The values given in the table confirm the success achieved by the invention. A comparison of the mixtures according to the invention (Examples 1-4) and the comparative mixtures corresponding in each case in the values for the binder amounts a and b (Examples 5-8) shows that the addition of polyacrylate to the system leads to a marked increase in strength, in particular the initial strength has also occurred. Initial strengths in the order of magnitude of approximately 300 N / cm ² can be regarded as sufficient for practical needs. In order to achieve this order of magnitude, according to the comparative mixtures, the values a and b for the amounts of binder have to be just below 0.7, whereas according to the mixtures according to the invention this order of magnitude has already been reached with values just below 0.6, in each case when the mixture is processed immediately . With the same effect, this means a binder saving of around 17%.

This success is not bought by a deterioration of the sand lifespan, on the contrary it is accompanied by a significant improvement in the sand lifespan. The drop in strengths, in particular also the initial strengths, is in each case significantly lower for the mixtures according to the invention than for the comparative mixtures, given the same values for the amounts of binder a and b.
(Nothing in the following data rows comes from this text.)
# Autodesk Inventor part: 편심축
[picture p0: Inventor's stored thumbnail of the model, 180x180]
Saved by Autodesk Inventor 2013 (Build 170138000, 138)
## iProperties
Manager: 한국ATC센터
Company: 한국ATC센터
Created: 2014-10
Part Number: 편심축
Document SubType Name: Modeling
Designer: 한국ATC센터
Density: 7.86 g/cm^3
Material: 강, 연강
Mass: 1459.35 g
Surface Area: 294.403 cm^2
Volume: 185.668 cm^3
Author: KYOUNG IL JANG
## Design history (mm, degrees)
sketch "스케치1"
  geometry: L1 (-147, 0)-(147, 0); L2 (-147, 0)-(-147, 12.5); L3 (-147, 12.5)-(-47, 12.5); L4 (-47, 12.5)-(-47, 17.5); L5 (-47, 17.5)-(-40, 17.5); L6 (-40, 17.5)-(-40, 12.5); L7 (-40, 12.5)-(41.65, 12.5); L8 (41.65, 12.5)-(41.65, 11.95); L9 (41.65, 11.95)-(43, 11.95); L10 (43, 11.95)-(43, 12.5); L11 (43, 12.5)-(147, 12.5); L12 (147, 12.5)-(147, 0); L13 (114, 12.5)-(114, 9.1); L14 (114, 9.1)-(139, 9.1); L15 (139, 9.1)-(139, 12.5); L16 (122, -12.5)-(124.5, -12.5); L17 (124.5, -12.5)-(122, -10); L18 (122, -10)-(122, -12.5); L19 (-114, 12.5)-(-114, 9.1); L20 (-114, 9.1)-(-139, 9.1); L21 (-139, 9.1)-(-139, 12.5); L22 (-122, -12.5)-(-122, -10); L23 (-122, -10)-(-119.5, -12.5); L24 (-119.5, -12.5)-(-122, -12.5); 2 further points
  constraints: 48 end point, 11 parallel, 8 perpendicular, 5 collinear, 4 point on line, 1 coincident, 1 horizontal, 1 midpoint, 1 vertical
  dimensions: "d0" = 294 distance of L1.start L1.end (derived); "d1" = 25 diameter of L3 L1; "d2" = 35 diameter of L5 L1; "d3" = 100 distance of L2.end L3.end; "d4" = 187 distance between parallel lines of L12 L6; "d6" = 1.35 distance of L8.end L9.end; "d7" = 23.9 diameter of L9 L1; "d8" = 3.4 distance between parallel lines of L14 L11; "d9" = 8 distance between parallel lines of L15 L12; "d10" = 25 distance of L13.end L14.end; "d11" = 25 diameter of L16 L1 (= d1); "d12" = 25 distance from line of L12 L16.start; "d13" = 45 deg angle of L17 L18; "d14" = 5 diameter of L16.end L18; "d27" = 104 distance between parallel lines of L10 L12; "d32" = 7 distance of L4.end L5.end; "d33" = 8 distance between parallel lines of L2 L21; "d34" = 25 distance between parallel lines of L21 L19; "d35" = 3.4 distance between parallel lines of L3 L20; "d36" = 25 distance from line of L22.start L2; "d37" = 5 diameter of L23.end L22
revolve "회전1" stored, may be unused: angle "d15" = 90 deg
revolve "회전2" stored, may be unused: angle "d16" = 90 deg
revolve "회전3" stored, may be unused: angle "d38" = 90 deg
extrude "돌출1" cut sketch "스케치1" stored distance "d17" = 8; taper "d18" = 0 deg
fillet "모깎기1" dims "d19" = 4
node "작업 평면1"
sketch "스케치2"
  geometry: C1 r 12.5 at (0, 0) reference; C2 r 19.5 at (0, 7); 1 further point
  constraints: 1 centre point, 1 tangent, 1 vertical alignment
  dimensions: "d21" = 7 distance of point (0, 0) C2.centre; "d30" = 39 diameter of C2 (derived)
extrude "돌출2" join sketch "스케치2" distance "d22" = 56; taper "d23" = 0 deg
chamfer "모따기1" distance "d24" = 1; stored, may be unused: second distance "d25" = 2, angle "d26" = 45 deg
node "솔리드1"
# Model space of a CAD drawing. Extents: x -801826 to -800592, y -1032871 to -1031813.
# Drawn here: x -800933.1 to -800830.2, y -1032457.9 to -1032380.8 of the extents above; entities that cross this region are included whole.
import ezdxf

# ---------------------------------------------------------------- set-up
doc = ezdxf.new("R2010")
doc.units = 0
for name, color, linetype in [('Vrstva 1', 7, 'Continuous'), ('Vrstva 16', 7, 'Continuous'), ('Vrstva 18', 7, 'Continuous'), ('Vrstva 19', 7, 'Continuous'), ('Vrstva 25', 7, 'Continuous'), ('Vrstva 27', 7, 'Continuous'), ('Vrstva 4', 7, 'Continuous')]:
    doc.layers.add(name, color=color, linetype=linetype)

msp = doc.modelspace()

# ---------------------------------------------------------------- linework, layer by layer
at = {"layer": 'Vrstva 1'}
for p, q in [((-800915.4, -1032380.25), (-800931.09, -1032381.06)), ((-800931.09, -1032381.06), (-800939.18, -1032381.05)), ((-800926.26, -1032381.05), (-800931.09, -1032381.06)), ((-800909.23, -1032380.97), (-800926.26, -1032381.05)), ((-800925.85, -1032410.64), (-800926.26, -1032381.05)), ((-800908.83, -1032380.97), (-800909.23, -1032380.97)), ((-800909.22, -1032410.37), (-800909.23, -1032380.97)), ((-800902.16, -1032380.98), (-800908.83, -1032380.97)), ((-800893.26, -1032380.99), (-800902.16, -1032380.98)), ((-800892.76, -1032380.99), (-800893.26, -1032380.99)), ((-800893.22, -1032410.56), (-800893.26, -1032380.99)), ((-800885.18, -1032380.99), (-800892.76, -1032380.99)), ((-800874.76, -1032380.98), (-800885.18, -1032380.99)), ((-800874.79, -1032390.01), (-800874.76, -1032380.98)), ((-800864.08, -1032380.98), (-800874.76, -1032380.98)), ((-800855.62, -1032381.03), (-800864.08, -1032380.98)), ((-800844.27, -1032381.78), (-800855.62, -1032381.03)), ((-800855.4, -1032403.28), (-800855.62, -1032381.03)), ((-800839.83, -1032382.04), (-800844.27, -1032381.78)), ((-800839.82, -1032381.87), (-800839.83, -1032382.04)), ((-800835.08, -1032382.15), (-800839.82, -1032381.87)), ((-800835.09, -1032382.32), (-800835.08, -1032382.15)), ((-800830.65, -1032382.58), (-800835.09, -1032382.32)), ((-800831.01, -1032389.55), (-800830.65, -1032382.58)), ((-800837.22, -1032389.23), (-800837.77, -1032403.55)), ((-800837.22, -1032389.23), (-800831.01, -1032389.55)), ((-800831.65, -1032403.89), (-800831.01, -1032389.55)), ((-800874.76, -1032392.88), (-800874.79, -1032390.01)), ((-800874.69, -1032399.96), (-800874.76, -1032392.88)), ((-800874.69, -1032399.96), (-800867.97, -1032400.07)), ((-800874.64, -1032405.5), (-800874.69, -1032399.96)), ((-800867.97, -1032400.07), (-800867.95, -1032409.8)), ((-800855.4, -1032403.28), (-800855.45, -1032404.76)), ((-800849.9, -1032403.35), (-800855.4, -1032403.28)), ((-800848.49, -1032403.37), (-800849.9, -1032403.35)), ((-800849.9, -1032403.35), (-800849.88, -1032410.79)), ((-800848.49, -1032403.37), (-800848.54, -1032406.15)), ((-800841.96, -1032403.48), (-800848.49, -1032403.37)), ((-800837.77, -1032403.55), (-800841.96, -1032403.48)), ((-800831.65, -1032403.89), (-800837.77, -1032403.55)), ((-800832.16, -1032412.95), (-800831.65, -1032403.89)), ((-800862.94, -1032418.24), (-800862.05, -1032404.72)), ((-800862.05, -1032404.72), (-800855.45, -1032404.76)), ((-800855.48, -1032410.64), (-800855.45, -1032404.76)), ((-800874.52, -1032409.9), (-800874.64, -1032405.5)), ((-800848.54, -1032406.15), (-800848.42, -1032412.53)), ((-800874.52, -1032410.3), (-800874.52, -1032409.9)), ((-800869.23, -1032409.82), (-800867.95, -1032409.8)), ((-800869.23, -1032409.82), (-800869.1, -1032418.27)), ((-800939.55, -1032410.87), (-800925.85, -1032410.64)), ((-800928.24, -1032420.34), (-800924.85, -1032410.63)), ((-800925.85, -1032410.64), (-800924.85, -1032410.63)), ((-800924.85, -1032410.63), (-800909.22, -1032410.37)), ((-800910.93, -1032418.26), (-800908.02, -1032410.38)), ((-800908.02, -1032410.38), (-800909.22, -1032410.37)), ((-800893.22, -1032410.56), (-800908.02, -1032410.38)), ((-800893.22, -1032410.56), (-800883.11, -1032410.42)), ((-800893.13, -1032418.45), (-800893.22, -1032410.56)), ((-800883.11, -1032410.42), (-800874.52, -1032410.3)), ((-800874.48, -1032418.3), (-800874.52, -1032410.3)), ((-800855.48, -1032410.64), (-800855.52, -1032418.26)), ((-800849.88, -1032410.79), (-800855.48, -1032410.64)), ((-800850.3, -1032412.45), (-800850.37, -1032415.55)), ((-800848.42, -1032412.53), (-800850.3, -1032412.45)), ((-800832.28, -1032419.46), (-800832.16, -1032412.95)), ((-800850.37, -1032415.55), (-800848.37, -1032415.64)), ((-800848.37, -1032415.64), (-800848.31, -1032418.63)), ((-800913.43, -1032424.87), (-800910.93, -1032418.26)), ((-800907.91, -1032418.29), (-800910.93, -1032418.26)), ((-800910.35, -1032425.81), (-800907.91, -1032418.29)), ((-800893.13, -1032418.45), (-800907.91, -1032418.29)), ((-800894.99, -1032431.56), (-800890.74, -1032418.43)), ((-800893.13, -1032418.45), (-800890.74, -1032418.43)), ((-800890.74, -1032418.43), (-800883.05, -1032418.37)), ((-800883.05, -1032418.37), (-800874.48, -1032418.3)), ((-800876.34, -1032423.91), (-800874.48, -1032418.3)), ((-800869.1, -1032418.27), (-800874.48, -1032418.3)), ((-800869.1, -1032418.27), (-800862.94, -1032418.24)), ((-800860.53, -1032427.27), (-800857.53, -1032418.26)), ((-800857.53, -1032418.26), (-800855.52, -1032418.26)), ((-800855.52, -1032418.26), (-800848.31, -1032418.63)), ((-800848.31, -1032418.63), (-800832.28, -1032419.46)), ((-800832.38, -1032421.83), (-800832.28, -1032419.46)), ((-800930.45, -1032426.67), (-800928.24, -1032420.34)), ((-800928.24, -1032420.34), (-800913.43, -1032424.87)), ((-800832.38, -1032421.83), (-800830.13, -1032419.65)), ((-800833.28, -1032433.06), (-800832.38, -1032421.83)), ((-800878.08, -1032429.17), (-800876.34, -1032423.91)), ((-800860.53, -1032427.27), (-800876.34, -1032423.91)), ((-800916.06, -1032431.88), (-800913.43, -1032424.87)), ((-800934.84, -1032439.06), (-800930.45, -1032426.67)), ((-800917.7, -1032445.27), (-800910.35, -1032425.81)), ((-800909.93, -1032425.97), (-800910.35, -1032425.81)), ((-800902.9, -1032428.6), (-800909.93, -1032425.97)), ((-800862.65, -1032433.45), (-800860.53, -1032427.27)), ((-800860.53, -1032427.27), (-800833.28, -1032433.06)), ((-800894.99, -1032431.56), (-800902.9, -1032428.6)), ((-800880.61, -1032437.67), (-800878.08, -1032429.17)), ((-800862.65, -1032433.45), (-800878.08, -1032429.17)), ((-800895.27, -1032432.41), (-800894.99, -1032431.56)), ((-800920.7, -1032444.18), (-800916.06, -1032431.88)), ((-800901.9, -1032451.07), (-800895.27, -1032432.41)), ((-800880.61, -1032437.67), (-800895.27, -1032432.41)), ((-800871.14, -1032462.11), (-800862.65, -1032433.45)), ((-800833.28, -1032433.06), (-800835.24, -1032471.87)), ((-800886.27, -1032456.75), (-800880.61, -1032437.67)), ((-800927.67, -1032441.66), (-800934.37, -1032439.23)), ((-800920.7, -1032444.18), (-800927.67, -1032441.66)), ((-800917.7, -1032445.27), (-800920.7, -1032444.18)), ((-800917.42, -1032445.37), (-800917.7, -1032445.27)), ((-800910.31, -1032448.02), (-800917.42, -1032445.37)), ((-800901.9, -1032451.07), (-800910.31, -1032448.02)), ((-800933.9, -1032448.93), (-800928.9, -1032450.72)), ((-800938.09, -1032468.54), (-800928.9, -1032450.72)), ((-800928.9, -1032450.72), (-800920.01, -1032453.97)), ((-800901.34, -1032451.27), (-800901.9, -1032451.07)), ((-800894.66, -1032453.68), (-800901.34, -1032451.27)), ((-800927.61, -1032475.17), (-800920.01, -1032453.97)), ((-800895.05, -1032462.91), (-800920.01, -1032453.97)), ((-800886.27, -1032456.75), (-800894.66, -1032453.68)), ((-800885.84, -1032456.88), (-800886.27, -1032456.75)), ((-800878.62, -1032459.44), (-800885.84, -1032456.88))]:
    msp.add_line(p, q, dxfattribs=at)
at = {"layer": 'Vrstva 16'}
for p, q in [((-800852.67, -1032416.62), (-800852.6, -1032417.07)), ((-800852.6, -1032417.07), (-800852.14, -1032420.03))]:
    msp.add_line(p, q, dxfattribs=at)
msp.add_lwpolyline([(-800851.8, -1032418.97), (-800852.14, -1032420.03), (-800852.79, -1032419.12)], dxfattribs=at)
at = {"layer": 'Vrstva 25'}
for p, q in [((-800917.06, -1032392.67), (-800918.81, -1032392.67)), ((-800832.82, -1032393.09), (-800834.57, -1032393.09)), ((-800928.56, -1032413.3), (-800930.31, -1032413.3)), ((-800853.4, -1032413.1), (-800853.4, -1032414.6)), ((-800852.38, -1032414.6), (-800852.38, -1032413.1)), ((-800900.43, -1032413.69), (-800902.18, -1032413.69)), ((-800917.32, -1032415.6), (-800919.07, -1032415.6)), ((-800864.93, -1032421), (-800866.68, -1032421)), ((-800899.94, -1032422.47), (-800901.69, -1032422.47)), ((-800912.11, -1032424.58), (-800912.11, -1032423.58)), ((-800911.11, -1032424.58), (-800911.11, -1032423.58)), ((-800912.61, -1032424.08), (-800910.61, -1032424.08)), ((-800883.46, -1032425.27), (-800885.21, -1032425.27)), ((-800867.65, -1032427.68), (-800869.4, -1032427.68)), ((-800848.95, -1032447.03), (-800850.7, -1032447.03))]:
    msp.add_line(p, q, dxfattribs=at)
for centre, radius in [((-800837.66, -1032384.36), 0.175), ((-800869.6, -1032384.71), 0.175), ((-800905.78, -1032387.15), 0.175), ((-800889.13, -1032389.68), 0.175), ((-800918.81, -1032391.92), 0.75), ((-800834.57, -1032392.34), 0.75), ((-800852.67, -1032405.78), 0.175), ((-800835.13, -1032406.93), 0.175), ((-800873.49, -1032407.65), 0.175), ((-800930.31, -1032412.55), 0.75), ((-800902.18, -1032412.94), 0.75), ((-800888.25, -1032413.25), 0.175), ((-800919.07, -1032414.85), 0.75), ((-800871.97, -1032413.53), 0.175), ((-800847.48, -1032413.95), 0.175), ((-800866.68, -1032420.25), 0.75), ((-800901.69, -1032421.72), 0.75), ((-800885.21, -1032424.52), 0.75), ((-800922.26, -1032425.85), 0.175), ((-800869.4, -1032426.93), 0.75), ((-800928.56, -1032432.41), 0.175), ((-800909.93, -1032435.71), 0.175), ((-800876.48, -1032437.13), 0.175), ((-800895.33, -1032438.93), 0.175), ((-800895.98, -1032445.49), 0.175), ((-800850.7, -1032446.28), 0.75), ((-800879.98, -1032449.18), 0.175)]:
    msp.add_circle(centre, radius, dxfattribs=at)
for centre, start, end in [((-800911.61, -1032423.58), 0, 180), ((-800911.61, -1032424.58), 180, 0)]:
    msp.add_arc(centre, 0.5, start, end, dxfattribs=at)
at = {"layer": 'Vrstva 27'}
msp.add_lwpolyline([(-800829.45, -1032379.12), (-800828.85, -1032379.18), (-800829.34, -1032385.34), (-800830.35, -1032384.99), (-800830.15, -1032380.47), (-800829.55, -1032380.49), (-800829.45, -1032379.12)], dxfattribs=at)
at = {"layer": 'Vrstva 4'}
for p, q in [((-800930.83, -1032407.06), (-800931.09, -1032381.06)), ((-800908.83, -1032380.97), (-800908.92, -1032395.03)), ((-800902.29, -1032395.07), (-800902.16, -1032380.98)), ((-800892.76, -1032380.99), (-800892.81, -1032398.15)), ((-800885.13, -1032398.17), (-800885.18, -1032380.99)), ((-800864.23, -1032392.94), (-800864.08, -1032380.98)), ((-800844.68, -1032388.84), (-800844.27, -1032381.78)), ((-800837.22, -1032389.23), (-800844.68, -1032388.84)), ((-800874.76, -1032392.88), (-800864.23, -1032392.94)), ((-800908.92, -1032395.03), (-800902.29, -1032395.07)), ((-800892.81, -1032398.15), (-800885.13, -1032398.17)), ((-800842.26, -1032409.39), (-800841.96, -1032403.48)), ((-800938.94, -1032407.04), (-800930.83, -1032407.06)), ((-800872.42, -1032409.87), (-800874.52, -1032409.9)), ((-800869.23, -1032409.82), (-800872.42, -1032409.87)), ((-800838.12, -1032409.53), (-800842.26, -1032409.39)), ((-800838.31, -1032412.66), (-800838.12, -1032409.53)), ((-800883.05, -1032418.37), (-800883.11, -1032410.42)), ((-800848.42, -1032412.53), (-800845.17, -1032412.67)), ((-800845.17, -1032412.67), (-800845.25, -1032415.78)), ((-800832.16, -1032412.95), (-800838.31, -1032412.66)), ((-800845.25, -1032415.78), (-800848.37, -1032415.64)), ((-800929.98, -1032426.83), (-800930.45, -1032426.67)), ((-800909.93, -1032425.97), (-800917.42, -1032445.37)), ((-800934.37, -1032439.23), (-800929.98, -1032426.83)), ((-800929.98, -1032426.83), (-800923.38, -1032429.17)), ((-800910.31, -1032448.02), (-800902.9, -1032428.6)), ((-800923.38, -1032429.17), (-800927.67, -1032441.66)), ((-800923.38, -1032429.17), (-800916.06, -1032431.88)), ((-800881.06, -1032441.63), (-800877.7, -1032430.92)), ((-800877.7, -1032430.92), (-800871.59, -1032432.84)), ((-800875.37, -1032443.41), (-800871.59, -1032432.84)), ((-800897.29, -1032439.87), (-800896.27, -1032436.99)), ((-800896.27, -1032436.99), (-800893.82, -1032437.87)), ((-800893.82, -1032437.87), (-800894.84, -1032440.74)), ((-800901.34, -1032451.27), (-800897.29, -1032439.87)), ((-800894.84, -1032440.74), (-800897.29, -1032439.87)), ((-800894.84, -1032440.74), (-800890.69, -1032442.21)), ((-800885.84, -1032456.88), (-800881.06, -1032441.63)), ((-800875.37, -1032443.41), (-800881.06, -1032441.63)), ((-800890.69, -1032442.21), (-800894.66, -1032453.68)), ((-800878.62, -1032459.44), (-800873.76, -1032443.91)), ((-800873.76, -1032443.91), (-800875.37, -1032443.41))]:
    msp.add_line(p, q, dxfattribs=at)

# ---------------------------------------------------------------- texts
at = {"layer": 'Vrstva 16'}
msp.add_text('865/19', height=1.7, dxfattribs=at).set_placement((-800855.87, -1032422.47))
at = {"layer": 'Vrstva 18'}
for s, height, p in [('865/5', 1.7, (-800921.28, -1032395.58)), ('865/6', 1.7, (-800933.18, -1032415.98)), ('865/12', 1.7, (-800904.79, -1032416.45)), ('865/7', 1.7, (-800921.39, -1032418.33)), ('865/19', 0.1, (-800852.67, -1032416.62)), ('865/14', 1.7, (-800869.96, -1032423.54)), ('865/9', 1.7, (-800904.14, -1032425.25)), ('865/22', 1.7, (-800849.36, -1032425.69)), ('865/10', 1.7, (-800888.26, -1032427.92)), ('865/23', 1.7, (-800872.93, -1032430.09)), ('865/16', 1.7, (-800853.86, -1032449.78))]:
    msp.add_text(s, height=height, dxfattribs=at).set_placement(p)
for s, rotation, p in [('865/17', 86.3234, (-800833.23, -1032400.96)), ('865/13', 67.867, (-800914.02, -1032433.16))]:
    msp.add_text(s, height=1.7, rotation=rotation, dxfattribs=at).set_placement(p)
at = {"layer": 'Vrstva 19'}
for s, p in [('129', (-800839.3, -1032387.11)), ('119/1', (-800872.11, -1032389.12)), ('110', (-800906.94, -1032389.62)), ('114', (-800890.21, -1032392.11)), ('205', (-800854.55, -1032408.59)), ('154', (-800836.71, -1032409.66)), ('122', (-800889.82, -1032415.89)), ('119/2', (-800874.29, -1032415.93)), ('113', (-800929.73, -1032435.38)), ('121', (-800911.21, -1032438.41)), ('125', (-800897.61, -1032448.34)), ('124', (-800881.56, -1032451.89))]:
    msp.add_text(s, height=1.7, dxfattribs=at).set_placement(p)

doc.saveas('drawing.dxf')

With a = b = 0.7, in the comparative mixtures after storage for one hour, the order of magnitude of 300 N / cm ² for the initial strengths is no longer achieved, while for the mixtures according to the invention the value a = b = 0.6 is fully sufficient.

table

Claims (5)

1. Molding-binder system for the production of castings, molded parts, containing as components a polyol with at least two OH groups in the molecule, a polyisocyanate with at least two NCO groups in the molecule and at least one solvent, one solution of the Polyols and, on the other hand, the polyisocyanate, which may also be in the form of a solution, form two binder components which react with one another to form a cold-curing binder, forming polyurethane, characterized in that the binder system comprises a polyacrylic which is present in at least one of the constituents polyol / polyiso cyanate / solvent of the system is soluble, in an amount of 0.1 to 10 wt .-%, based on the amount of binder, is added. 2. molding material binder system according to claim 1, characterized characterized in that the polyacrylate by polymerization of mo non-functional acrylic acid esters and / or methacrylic acid esters the general formula CH ₂ = CH-COOR or CH ₂ = C (CH ₃ ) -COOR is formed, in which R is a hydrocarbon radical with up to 20 C atoms, which may also have free OH groups. 3. Molding material binder system according to claim 2, characterized characterized in that by the polymerization of monofunctional nellen acrylic acid esters and / or methacrylic acid esters formed Polyacrylate or oligofunctional esters of acrylic acid and / or methacrylic acid, especially diacryla te, triacrylates or tetraacrylates, in an amount of up to 5% by weight, based on the total amount of esters, polymerized contains. 4. Molding / binder system according to one of the preceding the claims, characterized in that the polyacrylate Copolymer of acrylic acid esters and / or methacrylic acid esters with other acrylic / methacrylic compounds and / or with vinylver is bonds, the proportion of acrylate in the copolymer above of 50% by weight.